Blackened Chicken Tacos

Published on
September 22, 2023
Intro
Taco night has been on my weekly dinner rotation for decades. I upped my own chef game with blackened boneless skinless chicken, fresh pineapple, pickled red onions, and lime crema.
Trio of blackened chicken tacos.
Prep Time:
10 Minutes
Cook Time:
15 Minutes
Servings:
6
Difficulty Level:
Easy
Ingredients

1/4 cup Blackening Rub

2 pounds boneless, skinless chicken breasts - cut into 1 inch strips

2 tablespoons canola oil

2 avocados, peeled, seeded and diced

2 cups pineapple, cubed

Quick Pickled Onions - see recipe tip

1/2 cup sour cream

1 lime, zested and juiced

12 tortillas

Fresh Cilantro

Directions

1. In a shallow bowl ( I prefer a pie plate) add the Blackening Rub and the chicken strips, toss to coat.

2. Heat a large cast iron skillet or non-stick saute pan over medium-high heat. Add chicken and cook until browned, about 3 minutes on each side or until internal temperature reaches 160ºF.

3. Transfer the chicken to a serving platte. In the same pan add in the pineapple, and cook for 2-3 minutes per side or until slightly charred.
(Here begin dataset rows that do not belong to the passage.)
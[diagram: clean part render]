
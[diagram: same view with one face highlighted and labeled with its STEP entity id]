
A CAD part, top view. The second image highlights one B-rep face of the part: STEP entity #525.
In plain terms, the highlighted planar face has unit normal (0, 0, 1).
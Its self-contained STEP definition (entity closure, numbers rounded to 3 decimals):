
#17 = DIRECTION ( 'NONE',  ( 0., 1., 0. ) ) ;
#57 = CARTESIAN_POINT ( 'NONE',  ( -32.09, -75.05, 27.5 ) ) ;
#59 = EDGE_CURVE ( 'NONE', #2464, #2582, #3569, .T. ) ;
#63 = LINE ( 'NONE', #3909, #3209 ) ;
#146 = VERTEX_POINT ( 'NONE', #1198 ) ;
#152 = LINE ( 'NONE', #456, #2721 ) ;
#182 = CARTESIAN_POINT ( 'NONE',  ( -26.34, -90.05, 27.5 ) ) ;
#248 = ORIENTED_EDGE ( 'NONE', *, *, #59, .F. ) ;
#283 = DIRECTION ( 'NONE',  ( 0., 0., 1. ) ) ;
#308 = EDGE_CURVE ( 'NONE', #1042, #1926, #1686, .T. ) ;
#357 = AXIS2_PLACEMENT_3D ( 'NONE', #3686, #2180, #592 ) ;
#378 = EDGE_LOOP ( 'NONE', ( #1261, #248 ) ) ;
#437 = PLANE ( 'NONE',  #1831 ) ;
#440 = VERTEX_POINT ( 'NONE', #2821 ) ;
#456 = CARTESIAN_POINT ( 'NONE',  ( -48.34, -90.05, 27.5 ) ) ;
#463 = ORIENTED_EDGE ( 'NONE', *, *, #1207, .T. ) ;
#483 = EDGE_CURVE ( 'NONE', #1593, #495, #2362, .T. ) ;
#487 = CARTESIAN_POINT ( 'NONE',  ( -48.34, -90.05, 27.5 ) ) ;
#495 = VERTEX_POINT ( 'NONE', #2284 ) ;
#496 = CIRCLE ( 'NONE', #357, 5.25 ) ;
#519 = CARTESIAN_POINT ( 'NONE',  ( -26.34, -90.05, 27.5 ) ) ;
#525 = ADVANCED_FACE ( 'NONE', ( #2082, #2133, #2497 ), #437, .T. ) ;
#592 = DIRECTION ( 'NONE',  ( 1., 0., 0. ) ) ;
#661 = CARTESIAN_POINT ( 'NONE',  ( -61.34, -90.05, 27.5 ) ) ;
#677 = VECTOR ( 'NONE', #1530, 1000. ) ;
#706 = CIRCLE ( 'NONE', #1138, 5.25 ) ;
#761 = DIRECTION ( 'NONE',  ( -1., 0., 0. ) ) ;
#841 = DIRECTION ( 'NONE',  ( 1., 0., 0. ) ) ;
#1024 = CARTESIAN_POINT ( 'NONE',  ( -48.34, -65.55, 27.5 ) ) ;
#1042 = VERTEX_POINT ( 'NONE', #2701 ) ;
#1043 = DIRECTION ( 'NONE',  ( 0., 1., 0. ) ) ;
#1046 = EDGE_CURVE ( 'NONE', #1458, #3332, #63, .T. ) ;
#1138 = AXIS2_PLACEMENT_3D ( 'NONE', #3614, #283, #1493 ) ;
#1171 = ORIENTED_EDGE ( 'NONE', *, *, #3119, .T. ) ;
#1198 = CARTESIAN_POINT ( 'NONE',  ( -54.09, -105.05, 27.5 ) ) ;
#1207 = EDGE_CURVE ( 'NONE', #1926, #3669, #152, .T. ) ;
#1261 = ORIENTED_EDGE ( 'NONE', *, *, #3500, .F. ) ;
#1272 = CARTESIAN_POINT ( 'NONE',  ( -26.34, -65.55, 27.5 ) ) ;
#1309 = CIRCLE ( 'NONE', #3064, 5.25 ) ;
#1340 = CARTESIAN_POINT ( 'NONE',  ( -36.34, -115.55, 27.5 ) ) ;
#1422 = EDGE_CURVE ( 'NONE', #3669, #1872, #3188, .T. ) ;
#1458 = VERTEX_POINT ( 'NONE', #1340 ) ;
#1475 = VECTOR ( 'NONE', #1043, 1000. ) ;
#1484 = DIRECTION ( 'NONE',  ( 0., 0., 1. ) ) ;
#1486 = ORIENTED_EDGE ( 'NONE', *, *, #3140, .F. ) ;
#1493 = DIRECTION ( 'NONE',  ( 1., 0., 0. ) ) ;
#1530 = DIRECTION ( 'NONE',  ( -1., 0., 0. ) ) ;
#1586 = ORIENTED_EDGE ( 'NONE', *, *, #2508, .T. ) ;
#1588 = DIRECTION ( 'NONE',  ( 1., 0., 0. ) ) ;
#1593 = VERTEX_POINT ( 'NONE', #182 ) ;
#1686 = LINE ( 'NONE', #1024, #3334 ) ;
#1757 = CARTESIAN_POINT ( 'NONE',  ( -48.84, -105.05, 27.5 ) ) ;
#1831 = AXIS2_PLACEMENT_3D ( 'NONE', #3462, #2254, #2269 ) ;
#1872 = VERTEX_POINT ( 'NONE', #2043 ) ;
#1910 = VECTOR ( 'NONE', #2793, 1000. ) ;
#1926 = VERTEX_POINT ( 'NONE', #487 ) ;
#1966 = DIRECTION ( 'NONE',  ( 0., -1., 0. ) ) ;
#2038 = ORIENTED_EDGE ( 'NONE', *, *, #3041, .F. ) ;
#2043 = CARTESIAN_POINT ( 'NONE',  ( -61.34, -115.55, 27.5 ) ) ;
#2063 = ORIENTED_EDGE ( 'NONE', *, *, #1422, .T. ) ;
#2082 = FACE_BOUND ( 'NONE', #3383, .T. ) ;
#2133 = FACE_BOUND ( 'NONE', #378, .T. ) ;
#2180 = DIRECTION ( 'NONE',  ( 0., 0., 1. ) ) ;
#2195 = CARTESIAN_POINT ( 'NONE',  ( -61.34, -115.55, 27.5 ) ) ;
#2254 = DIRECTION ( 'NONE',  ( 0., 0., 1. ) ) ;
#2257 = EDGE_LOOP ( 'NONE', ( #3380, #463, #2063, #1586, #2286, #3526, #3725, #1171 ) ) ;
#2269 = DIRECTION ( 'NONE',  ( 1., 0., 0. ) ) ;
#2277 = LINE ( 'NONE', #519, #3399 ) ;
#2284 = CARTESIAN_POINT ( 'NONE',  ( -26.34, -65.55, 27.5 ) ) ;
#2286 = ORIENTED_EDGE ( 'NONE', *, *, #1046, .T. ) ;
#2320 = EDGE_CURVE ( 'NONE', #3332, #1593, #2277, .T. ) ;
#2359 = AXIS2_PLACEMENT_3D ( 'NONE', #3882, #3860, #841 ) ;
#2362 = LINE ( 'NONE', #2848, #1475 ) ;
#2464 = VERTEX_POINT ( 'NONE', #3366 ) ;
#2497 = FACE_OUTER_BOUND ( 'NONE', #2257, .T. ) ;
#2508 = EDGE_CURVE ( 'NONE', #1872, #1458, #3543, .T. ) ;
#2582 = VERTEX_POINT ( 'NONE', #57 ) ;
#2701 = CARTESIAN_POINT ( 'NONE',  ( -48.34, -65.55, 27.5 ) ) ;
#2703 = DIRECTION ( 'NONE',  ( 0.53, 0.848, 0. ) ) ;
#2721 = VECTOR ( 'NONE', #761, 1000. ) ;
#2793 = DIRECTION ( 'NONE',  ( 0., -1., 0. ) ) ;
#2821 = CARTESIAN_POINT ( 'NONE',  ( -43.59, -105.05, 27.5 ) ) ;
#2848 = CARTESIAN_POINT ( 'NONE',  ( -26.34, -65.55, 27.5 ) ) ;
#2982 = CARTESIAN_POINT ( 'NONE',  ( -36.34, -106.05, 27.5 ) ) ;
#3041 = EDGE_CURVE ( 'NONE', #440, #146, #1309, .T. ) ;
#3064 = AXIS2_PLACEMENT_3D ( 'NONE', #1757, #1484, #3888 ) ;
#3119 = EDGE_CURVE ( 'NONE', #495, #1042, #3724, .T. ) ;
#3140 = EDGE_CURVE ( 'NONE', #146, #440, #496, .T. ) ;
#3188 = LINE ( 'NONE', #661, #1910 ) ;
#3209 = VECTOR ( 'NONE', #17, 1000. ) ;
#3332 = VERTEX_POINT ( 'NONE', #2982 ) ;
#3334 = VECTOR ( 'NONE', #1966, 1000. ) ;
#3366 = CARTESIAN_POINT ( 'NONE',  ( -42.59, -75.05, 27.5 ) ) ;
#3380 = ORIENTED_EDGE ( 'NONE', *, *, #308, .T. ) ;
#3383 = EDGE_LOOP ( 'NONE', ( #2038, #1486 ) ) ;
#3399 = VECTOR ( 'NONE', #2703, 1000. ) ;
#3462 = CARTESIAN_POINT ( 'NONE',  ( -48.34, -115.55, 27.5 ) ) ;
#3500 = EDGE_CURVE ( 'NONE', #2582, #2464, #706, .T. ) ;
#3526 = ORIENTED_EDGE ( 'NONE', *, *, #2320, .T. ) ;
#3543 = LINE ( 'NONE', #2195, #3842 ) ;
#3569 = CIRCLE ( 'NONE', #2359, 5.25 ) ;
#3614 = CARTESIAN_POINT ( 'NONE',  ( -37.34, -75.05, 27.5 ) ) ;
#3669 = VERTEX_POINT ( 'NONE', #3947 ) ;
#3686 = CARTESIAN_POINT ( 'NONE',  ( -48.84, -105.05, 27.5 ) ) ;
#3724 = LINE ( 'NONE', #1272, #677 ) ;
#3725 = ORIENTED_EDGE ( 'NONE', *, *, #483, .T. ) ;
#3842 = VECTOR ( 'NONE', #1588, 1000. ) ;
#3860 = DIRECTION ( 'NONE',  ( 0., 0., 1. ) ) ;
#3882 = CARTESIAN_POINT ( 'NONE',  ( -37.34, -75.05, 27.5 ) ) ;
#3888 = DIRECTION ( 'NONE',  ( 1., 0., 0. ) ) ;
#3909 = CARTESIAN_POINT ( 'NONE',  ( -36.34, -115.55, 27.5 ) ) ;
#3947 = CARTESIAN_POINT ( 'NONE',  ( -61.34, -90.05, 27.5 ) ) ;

4. Transfer the pineapple to the platter with the chicken. In the same pan add tortillas, heat the tortillas one at a time to warm.

5. In a small bowl combine the sour cream, lime juice and zest. Add the warmed tortillas, avocado, cilantro, and if using pickled red onions to the platter. Enjoy.

Substitutions
Recipe Tip:
Quick Pickled Onions- thinly slice a red onion. Place in a microwave-safe bowl with 2 teaspoons each salt and brown sugar; 1 cup each water and white vinegar. Microwave for 3 minutes. Cover with plastic wrap and let mixture come to room temperature. Drain and chill until ready to use.